P.G. : Je vous disais que c’est pour une question de temps et d’espace que je travaille sur des supports de tailles réduites. Mais c’est aussi par admiration pour le monde de l’enluminure et de la miniature (persane en particulier).

Lorsque j’ai décidé d’agrandir mes formats, j’ai recherché un support dont les qualités s’apparenteraient à celles du papier que j’utilisais : le bois s’est imposé et m’a permis de pousser jusqu’à des formats 50 x 70 cm. Lors de l’exposition du Théâtre de Fontainebleau, je présentais un diaporama constitué de détails de mes travaux : agrandies en 3 x 3 mètres, j’ai constaté qu’elles tenaient ! Il n’est donc pas exclu qu’un jour je me mette à réaliser des peintures monumentales ! Cependant la question du support - et d’une technique adaptée – se posera de nouveau.

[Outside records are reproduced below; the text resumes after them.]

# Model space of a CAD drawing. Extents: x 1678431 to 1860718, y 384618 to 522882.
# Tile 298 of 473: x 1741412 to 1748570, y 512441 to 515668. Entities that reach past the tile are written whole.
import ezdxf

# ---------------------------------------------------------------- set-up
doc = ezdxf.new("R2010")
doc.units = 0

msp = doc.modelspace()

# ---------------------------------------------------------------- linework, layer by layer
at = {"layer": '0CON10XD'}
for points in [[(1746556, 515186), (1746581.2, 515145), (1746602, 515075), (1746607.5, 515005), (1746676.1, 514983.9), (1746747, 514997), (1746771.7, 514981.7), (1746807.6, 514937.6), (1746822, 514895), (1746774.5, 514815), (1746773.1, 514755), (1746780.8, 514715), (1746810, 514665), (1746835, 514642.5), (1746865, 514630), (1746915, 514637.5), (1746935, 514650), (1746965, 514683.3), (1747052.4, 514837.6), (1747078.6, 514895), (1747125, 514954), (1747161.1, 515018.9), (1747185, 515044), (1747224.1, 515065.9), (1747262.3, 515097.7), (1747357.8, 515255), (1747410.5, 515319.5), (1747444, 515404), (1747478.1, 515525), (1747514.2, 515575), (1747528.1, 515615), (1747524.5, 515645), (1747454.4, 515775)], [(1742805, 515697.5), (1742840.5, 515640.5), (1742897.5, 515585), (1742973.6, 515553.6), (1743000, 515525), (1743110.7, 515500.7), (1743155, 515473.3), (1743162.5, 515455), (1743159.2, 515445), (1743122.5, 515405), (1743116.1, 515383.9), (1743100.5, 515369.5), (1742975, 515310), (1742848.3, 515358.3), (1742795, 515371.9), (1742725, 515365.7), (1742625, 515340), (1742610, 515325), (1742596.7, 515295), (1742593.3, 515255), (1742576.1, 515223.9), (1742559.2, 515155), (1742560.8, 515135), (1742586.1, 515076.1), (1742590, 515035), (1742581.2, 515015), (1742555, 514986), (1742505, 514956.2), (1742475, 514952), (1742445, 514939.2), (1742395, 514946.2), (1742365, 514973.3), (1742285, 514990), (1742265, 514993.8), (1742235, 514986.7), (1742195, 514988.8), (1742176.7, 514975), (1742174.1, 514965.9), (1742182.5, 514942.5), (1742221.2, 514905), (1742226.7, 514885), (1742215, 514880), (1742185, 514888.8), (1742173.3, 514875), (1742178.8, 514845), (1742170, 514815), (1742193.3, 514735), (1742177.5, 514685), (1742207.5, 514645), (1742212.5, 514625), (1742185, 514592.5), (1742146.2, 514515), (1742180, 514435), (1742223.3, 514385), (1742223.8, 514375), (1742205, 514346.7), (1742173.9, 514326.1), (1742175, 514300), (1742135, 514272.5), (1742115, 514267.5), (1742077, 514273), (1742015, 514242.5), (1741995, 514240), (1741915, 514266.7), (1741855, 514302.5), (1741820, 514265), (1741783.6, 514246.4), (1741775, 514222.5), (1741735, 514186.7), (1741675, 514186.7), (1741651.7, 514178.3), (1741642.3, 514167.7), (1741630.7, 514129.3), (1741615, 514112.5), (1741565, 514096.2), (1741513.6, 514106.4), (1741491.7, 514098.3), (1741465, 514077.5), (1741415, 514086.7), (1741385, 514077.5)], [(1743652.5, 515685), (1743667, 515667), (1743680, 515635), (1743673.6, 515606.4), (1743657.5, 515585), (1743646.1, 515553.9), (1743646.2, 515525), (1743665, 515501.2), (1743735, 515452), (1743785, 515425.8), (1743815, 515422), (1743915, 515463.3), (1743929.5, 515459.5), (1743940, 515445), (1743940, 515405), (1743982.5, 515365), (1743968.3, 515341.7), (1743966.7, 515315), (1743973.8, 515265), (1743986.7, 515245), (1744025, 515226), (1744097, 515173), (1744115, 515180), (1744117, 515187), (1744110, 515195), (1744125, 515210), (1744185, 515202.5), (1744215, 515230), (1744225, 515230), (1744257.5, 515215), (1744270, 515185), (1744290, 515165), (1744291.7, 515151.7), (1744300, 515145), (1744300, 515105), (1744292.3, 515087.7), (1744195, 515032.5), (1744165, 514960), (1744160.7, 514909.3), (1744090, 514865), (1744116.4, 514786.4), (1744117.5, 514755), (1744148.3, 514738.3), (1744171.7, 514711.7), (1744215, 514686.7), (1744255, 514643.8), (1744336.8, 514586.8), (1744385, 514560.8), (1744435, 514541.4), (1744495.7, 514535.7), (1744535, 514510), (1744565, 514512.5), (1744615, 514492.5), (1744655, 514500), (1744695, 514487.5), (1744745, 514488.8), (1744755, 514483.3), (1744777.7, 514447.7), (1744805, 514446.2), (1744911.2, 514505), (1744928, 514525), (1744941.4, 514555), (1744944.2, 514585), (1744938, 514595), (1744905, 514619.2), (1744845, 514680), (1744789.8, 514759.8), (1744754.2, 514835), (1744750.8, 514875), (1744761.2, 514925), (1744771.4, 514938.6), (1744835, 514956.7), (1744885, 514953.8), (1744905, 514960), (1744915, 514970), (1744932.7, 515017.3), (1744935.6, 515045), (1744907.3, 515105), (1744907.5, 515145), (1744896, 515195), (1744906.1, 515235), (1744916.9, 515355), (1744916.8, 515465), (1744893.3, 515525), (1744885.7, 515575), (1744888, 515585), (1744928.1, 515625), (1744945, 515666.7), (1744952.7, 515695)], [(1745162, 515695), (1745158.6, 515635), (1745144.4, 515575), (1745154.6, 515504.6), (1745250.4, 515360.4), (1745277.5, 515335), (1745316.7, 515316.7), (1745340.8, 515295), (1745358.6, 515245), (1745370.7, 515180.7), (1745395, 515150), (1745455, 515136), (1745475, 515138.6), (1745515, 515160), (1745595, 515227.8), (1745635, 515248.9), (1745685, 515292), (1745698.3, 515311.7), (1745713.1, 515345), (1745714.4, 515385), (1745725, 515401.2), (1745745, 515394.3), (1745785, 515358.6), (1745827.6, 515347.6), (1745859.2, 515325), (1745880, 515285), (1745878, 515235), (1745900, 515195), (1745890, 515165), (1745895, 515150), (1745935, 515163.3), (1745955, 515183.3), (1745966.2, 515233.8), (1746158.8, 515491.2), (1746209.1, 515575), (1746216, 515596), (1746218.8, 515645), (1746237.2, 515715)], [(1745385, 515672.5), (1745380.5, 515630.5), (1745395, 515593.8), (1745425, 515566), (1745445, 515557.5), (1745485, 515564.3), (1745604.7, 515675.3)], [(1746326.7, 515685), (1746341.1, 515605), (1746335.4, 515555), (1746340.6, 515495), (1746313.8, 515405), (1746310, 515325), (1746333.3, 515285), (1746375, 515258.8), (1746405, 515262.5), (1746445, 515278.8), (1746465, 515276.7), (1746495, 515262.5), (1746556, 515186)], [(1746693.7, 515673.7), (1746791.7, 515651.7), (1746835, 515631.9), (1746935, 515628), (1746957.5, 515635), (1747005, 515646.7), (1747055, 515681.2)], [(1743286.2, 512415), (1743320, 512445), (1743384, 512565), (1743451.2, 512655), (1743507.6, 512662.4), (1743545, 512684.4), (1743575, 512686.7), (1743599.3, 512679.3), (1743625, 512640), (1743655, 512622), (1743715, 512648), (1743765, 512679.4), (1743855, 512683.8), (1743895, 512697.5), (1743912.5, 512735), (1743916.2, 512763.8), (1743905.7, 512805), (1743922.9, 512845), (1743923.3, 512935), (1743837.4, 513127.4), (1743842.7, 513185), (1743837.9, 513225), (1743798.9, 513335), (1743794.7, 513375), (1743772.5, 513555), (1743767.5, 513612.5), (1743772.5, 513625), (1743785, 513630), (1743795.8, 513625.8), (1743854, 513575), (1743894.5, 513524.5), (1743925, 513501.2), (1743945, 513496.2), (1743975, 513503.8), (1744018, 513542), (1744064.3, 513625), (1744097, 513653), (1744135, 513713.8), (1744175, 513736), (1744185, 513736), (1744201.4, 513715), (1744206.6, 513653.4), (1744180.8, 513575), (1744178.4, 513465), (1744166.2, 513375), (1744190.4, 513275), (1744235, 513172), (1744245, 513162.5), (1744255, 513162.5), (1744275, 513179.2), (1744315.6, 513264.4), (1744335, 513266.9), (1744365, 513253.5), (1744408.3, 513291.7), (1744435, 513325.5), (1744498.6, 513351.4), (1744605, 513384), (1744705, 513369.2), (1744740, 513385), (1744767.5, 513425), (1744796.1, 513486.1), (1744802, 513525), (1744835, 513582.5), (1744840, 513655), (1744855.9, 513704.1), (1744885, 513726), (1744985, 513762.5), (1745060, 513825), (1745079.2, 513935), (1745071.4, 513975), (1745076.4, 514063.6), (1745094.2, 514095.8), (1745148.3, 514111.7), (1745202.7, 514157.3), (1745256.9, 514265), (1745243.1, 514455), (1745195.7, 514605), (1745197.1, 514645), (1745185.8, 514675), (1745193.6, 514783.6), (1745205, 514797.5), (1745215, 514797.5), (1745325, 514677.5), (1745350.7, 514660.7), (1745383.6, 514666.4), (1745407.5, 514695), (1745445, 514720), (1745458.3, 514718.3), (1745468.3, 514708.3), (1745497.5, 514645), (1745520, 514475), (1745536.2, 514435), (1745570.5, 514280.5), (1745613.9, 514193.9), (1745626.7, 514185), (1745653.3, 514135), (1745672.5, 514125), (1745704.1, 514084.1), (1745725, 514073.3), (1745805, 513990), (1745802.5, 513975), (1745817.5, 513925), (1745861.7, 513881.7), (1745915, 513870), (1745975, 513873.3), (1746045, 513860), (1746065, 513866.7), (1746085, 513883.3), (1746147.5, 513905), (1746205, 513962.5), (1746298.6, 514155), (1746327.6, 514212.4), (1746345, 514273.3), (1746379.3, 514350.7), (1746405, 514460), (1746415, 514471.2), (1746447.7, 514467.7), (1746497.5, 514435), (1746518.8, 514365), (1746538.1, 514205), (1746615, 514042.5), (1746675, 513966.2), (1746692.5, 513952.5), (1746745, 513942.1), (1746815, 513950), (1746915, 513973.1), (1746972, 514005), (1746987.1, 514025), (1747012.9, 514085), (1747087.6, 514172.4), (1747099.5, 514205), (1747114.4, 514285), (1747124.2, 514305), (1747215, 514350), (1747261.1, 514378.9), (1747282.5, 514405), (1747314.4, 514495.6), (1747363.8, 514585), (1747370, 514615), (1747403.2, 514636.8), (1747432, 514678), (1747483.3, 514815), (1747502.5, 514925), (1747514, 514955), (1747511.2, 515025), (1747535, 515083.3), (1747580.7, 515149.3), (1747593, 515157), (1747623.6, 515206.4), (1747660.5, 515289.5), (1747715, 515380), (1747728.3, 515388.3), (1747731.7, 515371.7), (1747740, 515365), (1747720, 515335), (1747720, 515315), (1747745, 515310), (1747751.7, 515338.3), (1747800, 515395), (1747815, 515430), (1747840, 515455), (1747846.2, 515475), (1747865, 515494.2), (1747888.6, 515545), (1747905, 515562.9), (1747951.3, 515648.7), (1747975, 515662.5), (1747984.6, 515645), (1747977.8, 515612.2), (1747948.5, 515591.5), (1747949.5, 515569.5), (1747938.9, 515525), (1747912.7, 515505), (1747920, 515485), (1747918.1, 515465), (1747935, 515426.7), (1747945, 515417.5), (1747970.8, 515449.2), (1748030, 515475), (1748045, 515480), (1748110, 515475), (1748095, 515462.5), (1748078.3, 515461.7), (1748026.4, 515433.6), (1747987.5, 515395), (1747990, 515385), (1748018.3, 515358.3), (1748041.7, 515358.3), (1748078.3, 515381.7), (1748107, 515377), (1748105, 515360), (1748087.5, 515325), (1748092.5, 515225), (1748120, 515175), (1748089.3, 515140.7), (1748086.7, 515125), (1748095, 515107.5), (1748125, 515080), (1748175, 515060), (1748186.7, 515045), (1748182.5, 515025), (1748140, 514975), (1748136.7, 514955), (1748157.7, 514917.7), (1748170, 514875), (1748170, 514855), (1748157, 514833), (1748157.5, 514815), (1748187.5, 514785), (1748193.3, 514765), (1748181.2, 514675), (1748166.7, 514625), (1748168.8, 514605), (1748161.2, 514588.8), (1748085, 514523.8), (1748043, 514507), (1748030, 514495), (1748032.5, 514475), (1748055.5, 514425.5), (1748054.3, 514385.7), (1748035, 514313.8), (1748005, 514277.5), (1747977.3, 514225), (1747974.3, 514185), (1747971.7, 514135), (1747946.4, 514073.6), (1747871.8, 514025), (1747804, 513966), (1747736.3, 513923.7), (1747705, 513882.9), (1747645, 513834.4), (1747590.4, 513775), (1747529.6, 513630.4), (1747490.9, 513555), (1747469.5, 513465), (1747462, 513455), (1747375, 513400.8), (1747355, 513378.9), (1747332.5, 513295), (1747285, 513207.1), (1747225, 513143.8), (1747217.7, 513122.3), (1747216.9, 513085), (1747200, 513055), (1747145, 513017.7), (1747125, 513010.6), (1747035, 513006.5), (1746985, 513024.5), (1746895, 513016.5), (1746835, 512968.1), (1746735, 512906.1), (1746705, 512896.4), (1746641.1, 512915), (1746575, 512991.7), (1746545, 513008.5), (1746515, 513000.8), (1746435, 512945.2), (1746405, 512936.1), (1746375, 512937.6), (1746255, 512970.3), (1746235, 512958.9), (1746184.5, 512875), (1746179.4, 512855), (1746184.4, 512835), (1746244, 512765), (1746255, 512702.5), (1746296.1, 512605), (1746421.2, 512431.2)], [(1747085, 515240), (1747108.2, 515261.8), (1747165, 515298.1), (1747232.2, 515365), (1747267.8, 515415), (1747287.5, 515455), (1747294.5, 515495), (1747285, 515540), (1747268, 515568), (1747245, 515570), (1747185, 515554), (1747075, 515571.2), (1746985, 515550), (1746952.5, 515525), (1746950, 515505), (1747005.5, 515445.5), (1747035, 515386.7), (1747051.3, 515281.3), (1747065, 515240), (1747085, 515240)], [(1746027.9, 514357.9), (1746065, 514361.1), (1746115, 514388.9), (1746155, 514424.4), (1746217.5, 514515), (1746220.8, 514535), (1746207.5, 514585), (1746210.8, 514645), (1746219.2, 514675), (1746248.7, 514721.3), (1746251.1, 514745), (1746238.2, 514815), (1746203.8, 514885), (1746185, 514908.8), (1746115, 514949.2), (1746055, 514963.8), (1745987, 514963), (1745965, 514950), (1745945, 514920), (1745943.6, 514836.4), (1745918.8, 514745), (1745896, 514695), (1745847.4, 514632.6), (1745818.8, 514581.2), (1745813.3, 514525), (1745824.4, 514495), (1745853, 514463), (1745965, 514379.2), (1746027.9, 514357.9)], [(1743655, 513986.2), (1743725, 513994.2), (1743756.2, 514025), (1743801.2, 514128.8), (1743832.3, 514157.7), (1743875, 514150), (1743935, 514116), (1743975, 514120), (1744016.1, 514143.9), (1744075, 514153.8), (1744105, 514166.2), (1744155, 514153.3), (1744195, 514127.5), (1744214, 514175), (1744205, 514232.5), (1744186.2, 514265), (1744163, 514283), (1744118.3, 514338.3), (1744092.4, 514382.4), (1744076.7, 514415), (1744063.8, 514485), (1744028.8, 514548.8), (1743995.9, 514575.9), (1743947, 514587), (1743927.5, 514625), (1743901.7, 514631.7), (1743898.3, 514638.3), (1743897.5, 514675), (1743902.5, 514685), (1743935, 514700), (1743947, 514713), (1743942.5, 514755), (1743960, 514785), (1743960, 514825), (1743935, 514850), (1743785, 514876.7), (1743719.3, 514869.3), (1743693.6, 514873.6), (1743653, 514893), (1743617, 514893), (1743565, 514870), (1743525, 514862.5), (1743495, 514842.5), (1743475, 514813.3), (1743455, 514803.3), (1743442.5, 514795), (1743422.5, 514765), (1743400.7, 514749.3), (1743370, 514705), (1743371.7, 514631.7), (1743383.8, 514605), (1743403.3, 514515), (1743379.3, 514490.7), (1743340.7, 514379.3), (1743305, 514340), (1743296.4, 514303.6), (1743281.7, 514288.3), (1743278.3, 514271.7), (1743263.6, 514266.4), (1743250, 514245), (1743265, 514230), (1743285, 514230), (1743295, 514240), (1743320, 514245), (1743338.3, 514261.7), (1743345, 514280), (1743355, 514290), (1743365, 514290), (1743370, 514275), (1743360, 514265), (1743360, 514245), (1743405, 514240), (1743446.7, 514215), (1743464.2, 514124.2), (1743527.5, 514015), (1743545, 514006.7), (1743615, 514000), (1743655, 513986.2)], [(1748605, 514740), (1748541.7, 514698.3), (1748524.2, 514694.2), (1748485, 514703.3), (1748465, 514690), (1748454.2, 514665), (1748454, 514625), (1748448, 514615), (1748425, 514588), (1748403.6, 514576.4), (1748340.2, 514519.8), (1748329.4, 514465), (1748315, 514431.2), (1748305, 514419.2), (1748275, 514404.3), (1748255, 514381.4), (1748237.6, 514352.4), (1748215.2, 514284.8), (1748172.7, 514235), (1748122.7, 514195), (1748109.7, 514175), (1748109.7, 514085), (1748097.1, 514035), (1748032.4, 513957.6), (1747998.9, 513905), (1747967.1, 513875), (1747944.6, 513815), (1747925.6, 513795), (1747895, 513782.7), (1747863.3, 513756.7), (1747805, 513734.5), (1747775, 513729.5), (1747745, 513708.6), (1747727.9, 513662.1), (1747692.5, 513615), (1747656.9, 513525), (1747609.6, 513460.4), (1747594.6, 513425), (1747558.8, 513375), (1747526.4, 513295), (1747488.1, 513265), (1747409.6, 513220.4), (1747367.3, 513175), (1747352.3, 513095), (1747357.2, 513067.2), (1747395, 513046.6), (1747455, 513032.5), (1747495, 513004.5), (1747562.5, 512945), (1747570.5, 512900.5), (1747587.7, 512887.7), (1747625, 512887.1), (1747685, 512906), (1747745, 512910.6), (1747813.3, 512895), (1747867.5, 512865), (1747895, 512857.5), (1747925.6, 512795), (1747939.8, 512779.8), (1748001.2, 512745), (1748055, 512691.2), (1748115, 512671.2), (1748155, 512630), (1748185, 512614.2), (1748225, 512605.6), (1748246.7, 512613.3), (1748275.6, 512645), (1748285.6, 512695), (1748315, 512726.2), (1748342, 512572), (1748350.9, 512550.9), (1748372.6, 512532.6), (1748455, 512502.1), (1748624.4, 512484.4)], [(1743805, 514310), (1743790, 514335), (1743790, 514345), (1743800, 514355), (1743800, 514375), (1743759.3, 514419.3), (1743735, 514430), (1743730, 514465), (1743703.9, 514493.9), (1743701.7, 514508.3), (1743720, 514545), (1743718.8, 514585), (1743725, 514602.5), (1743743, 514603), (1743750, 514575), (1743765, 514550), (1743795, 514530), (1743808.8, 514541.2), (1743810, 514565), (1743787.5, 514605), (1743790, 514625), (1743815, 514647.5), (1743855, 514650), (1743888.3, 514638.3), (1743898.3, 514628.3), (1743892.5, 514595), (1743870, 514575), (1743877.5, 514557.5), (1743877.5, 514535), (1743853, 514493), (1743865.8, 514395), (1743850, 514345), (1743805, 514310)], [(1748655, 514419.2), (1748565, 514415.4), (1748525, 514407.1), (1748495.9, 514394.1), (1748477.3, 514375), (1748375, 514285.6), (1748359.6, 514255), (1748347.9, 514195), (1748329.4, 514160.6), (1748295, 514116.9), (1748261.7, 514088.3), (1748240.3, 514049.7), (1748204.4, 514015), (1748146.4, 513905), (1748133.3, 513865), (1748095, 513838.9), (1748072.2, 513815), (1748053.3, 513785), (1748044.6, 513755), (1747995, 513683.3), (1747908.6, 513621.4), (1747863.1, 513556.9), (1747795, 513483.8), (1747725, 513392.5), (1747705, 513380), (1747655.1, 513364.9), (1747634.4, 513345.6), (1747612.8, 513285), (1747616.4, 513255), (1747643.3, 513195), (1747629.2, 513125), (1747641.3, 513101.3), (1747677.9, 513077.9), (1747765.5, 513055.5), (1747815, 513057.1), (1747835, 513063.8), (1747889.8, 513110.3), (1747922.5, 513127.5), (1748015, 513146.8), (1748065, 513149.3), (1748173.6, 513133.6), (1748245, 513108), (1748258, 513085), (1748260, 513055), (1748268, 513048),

F.P. : Si le fond noir est une réminiscence de la manière noire, n'êtes-vous jamais tenté d'essayer un fond bleu foncé par exemple ?

P.G. : En école d’architecture j’ai eu la chance de suivre les cours de Joël Stein***, membre fondateur du G.R.A.V. (Groupe de Recherche d'Art Visuel). Son enseignement était en partie fondé sur ce qu’Itten professait au Bauhaus, en particulier sur les contrastes simultanés (eux-mêmes étudiés au XIXe siècle par Chevreul). Tous disent que poser une couleur, c’est poser également sa complémentaire. J’en fais quotidiennement l’expérience : le fond gris devient plus ou moins bleu si la dominante colorée de ma peinture est orangée. J’ai bien fait des essais avec d’autres couleurs de fond, mais le fond gris, plus ou moins clair, m’intéresse davantage car il est particulièrement sensible à d’importantes variations de teinte.

F .P. : Vos peintures témoignent d'une recherche de l'équilibre : n'êtes-vous jamais tenté de vous arrêter juste avant de l'atteindre, agaçant ainsi l'œil du spectateur en introduisant un élément perturbateur ?

Si l’on en croit les définitions de « l’art français » (concept auquel je ne crois guère), l’équilibre en est la caractéristique majeure… Dans ma production, je le concède aisément, l’idée de « perturber » le spectateur est étrangère ! J'aime cette pensée de Matisse qui dit son aspiration à "un art d'équilibre, de pureté, de tranquillité, qui n'inquiète ni ne trouble".

F.P. : Dans quelle mesure la pratique de la peinture se fait-elle au détriment du dessin, de la gravure ou de la photographie ?

P. G. : Man Ray disait : « Je peins ce que je ne peux pas photographier » ! La pratique de la photographie ne se fait pas au détriment de la peinture mais en parallèle : lorsque je ne peins pas, je photographie. Lorsque je n’ai pas mon matériel de peinture – en voyage par exemple – je dessine. La gravure, par contre, appartient au passé : je n’ai pas de presse et depuis une bonne vingtaine d’années j’ai abandonné cette technique qui pourtant me passionnait.

F.P. : Matisse et Mondrian – dont vous avez suivi le cheminement à rebours (il est parti des arbres pour arriver à ses compositions géométriques quand vous partez d'elles pour arriver aux cimes) – vous inspirent : y-a-t-il des artistes contemporains qui trouvent grâce à vos yeux ? (Penone ? Plensa ? Kiefer?)

P.G. : Je ne peux pas dire que je suis « inspiré » par Matisse ou Mondrian, même si je les admire. En tant que professeur d’arts plastiques – qui plus est, en fin de carrière – cela fait presque quarante ans que je suis devenu familier de leurs œuvres, comme du reste de nombreux autres artistes beaucoup plus anciens. L’avantage de mon métier, c’est de m’obliger sans cesse à faire des recherches, des retours et des découvertes d’artistes et d’œuvres très divers.

J’aime beaucoup Penone ou Goldsworthy, mais je ne me limite pas à des artistes travaillant dans et avec la nature : je me sens trèsproche de Richard Diebenkorn, de Sean Scully, de Joan Mitchell, de certaines œuvres de Brice Marden. Mais je n’ai aucun a priori : le travail de Louise Nevelson, de Christian Boltanski, de Barbara Kruger ou de … Banksy, m’intéresse tout autant, sans que je ne ressente de proximité particulière de mon propre travail avec leurs œuvres.

à suivre...

 * Dessinatrice et graveur, Florence Pélisson enseigne les Arts Plastiques. Ses œuvres sont présentées sur son site : http://www.florence-pelisson.fr/

** Jacques Madelain est l'auteur de la préface du catalogue de l'exposition "La nature des choses", Fontainebleau 2015.